→ Extracted data entries:
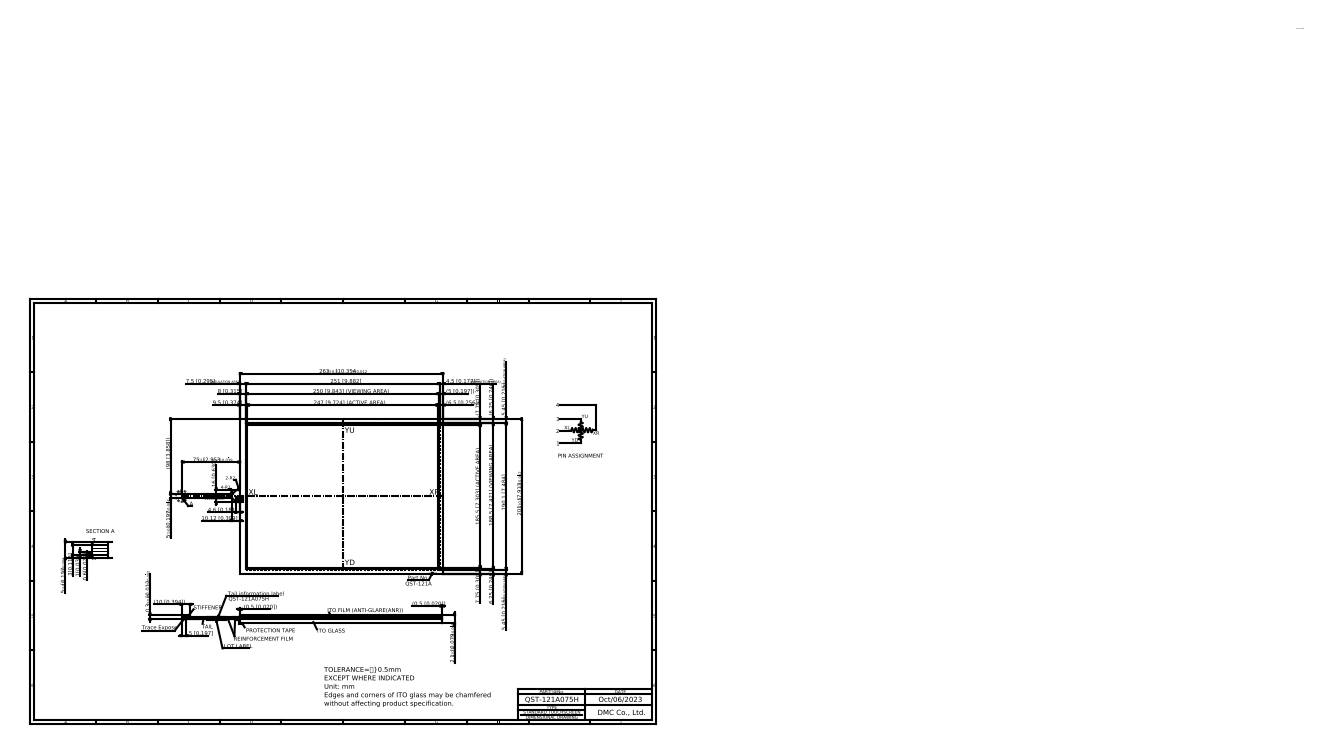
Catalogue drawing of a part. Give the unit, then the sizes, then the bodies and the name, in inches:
Units: inches
Overall size (bounding box): 15.378 × 11.079 × 0.087
Partial cylindrical surfaces — rounded edges, fillets, slot ends (radius × count): R0.02 ×2, R0.039 ×2, R0.079 ×2
Main face-to-face distances: 0.083, 0.079, 7.913, 0.071, 10.354, 0.075, 0.059, 0.016, 0.246, 7.667
Volume: 6.77 in³ · Surface area: 168.6 in²
Bodies: 1 solid, 51 faces (45 planar, 6 cylindrical, 0 other)
Part name (STEP PRODUCT): QST-121A075H
STEP written by: Autodesk Inventor 2020 (CONFIG_CONTROL_DESIGN)

→ EXERCISE INSTRUCTIONS: Without the pictures, extract every entry verbatim.

→ TASK RESPONSE:
Catalogue drawing of a part. Give the unit, then the sizes, then the bodies and the name, in inches:
Units: inches
Overall size (bounding box): 15.378 × 11.079 × 0.087
Partial cylindrical surfaces — rounded edges, fillets, slot ends (radius × count): R0.02 ×2, R0.039 ×2, R0.079 ×2
Main face-to-face distances: 0.083, 0.079, 7.913, 0.071, 10.354, 0.075, 0.059, 0.016, 0.246, 7.667
Volume: 6.77 in³ · Surface area: 168.6 in²
Bodies: 1 solid, 51 faces (45 planar, 6 cylindrical, 0 other)
Part name (STEP PRODUCT): QST-121A075H
STEP written by: Autodesk Inventor 2020 (CONFIG_CONTROL_DESIGN)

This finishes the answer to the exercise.